Find the area of the triangle with vertices A(1, 1, 2), B(2, 3, 5) and C(1, 5, 5)

Answer 1

The vertices of triangle ABC are given as A(1, 1, 2), B(2, 3, 5) and C(1, 5, 5).

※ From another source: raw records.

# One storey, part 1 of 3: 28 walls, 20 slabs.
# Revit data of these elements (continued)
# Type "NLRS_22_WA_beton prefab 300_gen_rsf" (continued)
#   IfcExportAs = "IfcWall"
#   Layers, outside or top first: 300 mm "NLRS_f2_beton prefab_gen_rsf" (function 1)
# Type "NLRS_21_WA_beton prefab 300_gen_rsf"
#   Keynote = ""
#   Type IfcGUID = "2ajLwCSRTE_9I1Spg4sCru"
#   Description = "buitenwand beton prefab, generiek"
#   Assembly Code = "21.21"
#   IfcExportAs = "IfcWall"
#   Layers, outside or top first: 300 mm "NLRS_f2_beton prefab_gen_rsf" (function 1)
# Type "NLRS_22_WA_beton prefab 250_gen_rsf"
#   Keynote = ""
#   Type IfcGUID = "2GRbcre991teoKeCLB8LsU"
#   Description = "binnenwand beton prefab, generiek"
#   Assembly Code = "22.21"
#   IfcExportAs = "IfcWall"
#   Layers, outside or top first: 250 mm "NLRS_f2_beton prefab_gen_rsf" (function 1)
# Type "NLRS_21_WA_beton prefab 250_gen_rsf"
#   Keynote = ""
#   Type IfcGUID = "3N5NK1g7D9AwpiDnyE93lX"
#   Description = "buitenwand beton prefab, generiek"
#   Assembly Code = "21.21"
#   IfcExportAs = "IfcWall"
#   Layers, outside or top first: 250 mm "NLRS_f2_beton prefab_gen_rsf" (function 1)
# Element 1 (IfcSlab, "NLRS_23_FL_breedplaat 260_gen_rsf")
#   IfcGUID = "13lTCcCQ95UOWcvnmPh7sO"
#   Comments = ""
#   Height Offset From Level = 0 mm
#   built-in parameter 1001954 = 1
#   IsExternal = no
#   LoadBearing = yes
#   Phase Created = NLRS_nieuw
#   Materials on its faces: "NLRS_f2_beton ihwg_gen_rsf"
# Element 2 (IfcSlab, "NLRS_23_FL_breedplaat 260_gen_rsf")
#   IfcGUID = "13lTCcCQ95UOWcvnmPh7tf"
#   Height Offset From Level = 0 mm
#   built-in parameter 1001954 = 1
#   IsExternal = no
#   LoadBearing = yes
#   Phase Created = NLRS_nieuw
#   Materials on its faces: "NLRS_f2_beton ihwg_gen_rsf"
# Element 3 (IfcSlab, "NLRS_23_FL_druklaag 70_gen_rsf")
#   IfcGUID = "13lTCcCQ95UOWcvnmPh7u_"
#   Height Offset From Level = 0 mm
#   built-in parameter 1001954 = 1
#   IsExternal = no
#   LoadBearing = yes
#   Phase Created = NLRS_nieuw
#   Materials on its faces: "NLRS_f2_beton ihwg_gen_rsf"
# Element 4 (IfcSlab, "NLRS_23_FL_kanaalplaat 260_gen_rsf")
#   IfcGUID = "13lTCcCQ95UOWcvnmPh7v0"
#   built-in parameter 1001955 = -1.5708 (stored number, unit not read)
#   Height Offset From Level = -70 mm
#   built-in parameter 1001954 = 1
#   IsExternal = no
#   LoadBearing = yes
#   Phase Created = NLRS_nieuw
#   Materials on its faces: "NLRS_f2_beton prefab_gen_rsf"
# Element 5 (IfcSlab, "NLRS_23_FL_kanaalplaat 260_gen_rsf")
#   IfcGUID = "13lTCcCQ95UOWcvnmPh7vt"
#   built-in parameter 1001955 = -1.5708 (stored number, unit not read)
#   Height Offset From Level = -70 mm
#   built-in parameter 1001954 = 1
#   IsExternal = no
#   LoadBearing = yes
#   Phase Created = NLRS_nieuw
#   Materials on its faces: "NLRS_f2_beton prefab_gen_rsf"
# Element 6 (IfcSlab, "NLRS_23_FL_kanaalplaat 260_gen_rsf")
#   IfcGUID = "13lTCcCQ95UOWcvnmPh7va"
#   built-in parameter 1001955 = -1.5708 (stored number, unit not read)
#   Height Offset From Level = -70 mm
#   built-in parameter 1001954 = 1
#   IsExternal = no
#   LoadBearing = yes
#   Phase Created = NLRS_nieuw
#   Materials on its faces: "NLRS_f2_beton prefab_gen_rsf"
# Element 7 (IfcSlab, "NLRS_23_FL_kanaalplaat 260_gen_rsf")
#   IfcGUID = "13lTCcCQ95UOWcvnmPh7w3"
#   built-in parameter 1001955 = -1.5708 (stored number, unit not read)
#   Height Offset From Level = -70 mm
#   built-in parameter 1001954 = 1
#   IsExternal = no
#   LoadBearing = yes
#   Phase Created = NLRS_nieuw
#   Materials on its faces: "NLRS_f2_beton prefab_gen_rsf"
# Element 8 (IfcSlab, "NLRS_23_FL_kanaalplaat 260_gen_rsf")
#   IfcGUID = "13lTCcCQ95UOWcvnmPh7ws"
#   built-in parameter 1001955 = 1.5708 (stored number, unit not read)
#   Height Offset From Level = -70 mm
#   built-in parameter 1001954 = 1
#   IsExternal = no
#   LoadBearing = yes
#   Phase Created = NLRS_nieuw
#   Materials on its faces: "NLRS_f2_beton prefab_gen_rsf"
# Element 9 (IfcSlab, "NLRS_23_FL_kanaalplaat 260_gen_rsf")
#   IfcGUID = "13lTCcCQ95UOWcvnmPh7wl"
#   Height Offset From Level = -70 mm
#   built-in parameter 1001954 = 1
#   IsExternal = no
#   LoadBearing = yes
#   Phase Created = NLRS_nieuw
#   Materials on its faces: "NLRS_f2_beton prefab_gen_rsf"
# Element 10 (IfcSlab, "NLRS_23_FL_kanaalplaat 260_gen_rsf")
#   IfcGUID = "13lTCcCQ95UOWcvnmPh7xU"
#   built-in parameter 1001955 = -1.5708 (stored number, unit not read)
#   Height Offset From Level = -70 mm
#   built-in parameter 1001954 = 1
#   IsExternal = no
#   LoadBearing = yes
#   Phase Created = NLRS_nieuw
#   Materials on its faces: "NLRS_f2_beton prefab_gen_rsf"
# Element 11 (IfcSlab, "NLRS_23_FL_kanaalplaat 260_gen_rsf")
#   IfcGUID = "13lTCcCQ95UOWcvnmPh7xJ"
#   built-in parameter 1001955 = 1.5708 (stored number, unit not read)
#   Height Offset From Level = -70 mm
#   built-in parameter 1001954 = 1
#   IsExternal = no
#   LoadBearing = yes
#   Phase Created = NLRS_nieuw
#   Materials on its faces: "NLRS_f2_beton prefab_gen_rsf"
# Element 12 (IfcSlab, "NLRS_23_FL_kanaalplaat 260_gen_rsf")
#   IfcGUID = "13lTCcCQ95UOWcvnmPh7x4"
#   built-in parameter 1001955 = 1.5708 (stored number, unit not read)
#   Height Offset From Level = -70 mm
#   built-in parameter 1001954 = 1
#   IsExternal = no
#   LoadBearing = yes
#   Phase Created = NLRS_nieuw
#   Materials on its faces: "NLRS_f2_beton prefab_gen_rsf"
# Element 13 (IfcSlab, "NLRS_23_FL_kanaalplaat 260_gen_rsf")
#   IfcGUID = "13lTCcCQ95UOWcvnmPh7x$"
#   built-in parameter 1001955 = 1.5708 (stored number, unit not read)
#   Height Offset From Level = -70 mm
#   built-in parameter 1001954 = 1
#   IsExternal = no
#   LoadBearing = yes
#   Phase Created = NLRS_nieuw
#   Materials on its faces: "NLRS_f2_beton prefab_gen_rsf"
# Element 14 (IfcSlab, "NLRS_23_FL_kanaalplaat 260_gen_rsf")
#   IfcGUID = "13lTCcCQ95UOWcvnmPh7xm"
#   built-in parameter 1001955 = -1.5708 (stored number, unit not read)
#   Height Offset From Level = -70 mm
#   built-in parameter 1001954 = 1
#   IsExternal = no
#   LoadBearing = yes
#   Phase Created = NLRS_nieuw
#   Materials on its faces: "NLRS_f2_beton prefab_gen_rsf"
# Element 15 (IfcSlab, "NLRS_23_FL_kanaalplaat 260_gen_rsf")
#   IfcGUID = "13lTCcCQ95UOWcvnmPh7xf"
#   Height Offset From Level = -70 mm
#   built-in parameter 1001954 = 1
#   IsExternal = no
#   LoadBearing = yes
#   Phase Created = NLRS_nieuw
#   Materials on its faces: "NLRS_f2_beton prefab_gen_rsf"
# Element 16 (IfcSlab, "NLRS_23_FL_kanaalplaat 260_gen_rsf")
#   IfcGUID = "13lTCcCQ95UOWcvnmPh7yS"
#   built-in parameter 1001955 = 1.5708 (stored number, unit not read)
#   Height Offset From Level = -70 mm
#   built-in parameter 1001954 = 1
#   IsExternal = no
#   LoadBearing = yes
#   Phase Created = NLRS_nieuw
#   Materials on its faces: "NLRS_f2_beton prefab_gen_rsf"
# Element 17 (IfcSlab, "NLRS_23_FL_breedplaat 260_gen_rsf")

First we find vectors AB and AC.
Now, AB = PV of B - PV of A $=(2\hat{i}+3\hat{j}+5\hat{k})-(\hat{i}+\hat{j}+2\hat{k})=(2-1)\hat{i}+(3-1)\hat{j}+(5-2)\hat{k}=\hat{i}+2\hat{j}+3\hat{k}$
and AC = PV of C - PV of A
$=(\hat{i}+5\hat{j}+5\hat{k})-(\hat{i}+\hat{j}+2\hat{k})=(1-1)\hat{i}+(5-1)\hat{j}+(5-2)\hat{k}=4\hat{j}+3\hat{k}\therefore AB\times AC=\left|\begin{array}{ccc}\hat{i}& \hat{j}& \hat{k}\\ 1& 2& 3\\ 0& 4& 3\end{array}\right|=\hat{i}(6-12)-\hat{j}(3-0)+\hat{k}(4-0)=-6\hat{i}-3\hat{j}+4\hat{k}$
Comparing with $X=x\hat{i}+y\hat{j}+z\hat{k}$, we get $x=-6,y=-3,z=4$
$\therefore |AB\times AC|=\sqrt{x^2+y^2+z^2}=\sqrt{(-6{)}^2+(-3{)}^2+(4{)}^2}=\sqrt{36+9+16}=\sqrt{61}$
Area of $\Delta ABC=\frac{1}{2}|AB\times AC|=\frac{1}{2}\times \sqrt{61}=\frac{\sqrt{61}}{2}sq.unit$
Hence, the area of $\Delta ABC$ is $\frac{\sqrt{61}}{2}sq.unit$.